Shimano doesn't list pulley bolt weight in any spec sheet — they're buried inside the total derailleur number. Actual weights across the three 12-speed groupsets:
| Groupset | Steel (pair) | Titanium | Saved |
|---|---|---|---|
| Dura-Ace R9270 | 2.6g | 1.0g | 1.6g |
| Ultegra R8170 | 4.0g | 1.0g | 3.0g |
| 105 R7170 | 4.0g | 1.0g | 3.0g |
Dura-Ace gets slightly lighter stock bolts (2.6g vs 4.0g) — expected for tighter weight targets. Titanium replacements weigh 1.0g across all three because dimensions are identical. On R8170 and R7170, that's a 75% reduction.

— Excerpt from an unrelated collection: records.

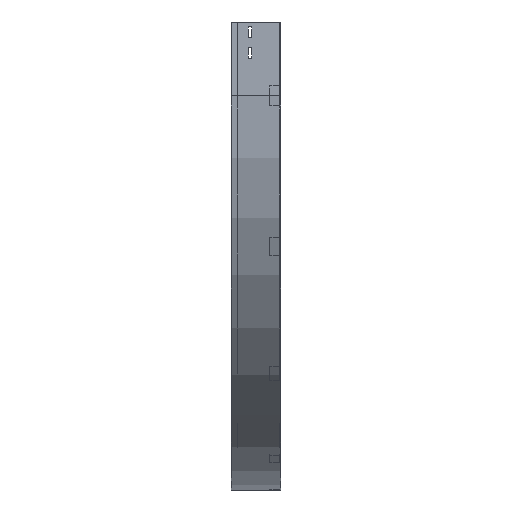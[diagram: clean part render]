
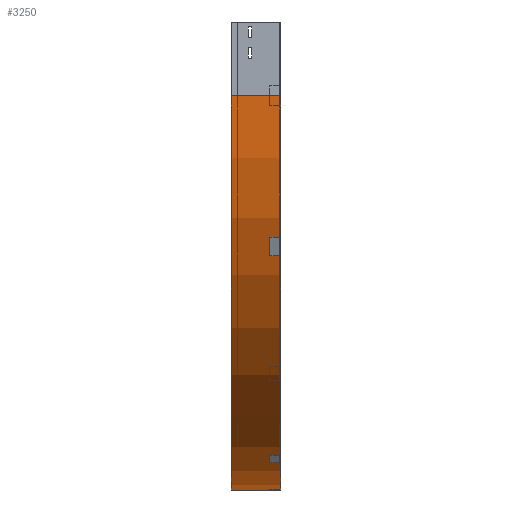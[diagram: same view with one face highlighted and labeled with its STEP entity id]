
A CAD part, left-side view. The second image highlights one B-rep face of the part: STEP entity #3250.
In plain terms, the highlighted cylindrical face has radius 800 mm (diameter 1600 mm), a partial arc.
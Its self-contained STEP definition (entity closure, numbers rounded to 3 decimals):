
#126 = EDGE_CURVE ( 'NONE', #1251, #1034, #3310, .T. ) ;
#233 = ORIENTED_EDGE ( 'NONE', *, *, #1910, .T. ) ;
#456 = CARTESIAN_POINT ( 'NONE',  ( 800., 100., -150. ) ) ;
#474 = LINE ( 'NONE', #2638, #2788 ) ;
#514 = DIRECTION ( 'NONE',  ( 0., -1., 0. ) ) ;
#558 = DIRECTION ( 'NONE',  ( 0., -1., 0. ) ) ;
#882 = VERTEX_POINT ( 'NONE', #1159 ) ;
#910 = DIRECTION ( 'NONE',  ( -1., 0., 0. ) ) ;
#1028 = DIRECTION ( 'NONE',  ( 0., -1., 0. ) ) ;
#1034 = VERTEX_POINT ( 'NONE', #1828 ) ;
#1062 = CARTESIAN_POINT ( 'NONE',  ( 800., 0., -950. ) ) ;
#1159 = CARTESIAN_POINT ( 'NONE',  ( 0., 0., -150. ) ) ;
#1167 = AXIS2_PLACEMENT_3D ( 'NONE', #2125, #1209, #910 ) ;
#1209 = DIRECTION ( 'NONE',  ( 0., -1., 0. ) ) ;
#1251 = VERTEX_POINT ( 'NONE', #1550 ) ;
#1323 = LINE ( 'NONE', #2830, #1788 ) ;
#1422 = FACE_OUTER_BOUND ( 'NONE', #2254, .T. ) ;
#1463 = ORIENTED_EDGE ( 'NONE', *, *, #1647, .F. ) ;
#1480 = EDGE_CURVE ( 'NONE', #1251, #882, #1323, .T. ) ;
#1550 = CARTESIAN_POINT ( 'NONE',  ( 0., 100., -150. ) ) ;
#1647 = EDGE_CURVE ( 'NONE', #882, #3751, #1909, .T. ) ;
#1732 = CARTESIAN_POINT ( 'NONE',  ( 800., 0., -150. ) ) ;
#1788 = VECTOR ( 'NONE', #1028, 1000. ) ;
#1828 = CARTESIAN_POINT ( 'NONE',  ( 800., 100., -950. ) ) ;
#1909 = CIRCLE ( 'NONE', #1167, 800. ) ;
#1910 = EDGE_CURVE ( 'NONE', #1034, #3751, #474, .T. ) ;
#2125 = CARTESIAN_POINT ( 'NONE',  ( 800., 0., -150. ) ) ;
#2254 = EDGE_LOOP ( 'NONE', ( #1463, #3774, #3064, #233 ) ) ;
#2276 = DIRECTION ( 'NONE',  ( -1., 0., 0. ) ) ;
#2638 = CARTESIAN_POINT ( 'NONE',  ( 800., 0., -950. ) ) ;
#2788 = VECTOR ( 'NONE', #2882, 1000. ) ;
#2802 = AXIS2_PLACEMENT_3D ( 'NONE', #1732, #558, #2942 ) ;
#2830 = CARTESIAN_POINT ( 'NONE',  ( 0., 0., -150. ) ) ;
#2882 = DIRECTION ( 'NONE',  ( 0., -1., 0. ) ) ;
#2942 = DIRECTION ( 'NONE',  ( 0., 0., -1. ) ) ;
#3064 = ORIENTED_EDGE ( 'NONE', *, *, #126, .T. ) ;
#3242 = AXIS2_PLACEMENT_3D ( 'NONE', #456, #514, #2276 ) ;
#3250 = ADVANCED_FACE ( 'NONE', ( #1422 ), #3502, .T. ) ;
#3310 = CIRCLE ( 'NONE', #3242, 800. ) ;
#3502 = CYLINDRICAL_SURFACE ( 'NONE', #2802, 800. ) ;
#3751 = VERTEX_POINT ( 'NONE', #1062 ) ;
#3774 = ORIENTED_EDGE ( 'NONE', *, *, #1480, .F. ) ;

Pulley bolts thread into the aluminum inner cage plate. Steel-on-aluminum is forgiving — titanium-on-aluminum can gall if run in dry, because the metals share enough hardness to friction-weld contact points. The fix: a thin film of grease on the threads, then torque to Shimano spec (2.5–3 Nm). Marcus did exactly that — spun the greased pulleys by thumb, felt no drag, just sealed bearings rolling on Grade 5 Ti-6Al-4V spindles. Three grams lighter. Total cost: roughly two inner tubes.
This isn't a headline upgrade — 1.6–3.0g on a pivot that handles every shift. But if you're pulling the pulleys anyway (bearings wear, it's routine maintenance), swapping the bolts costs zero extra labor. The old steel bolts go in the bin, titanium threads in, and the grams add up — not in one weigh-in, but across dozens of small decisions that separate a 7.2kg bike from a 6.8kg one.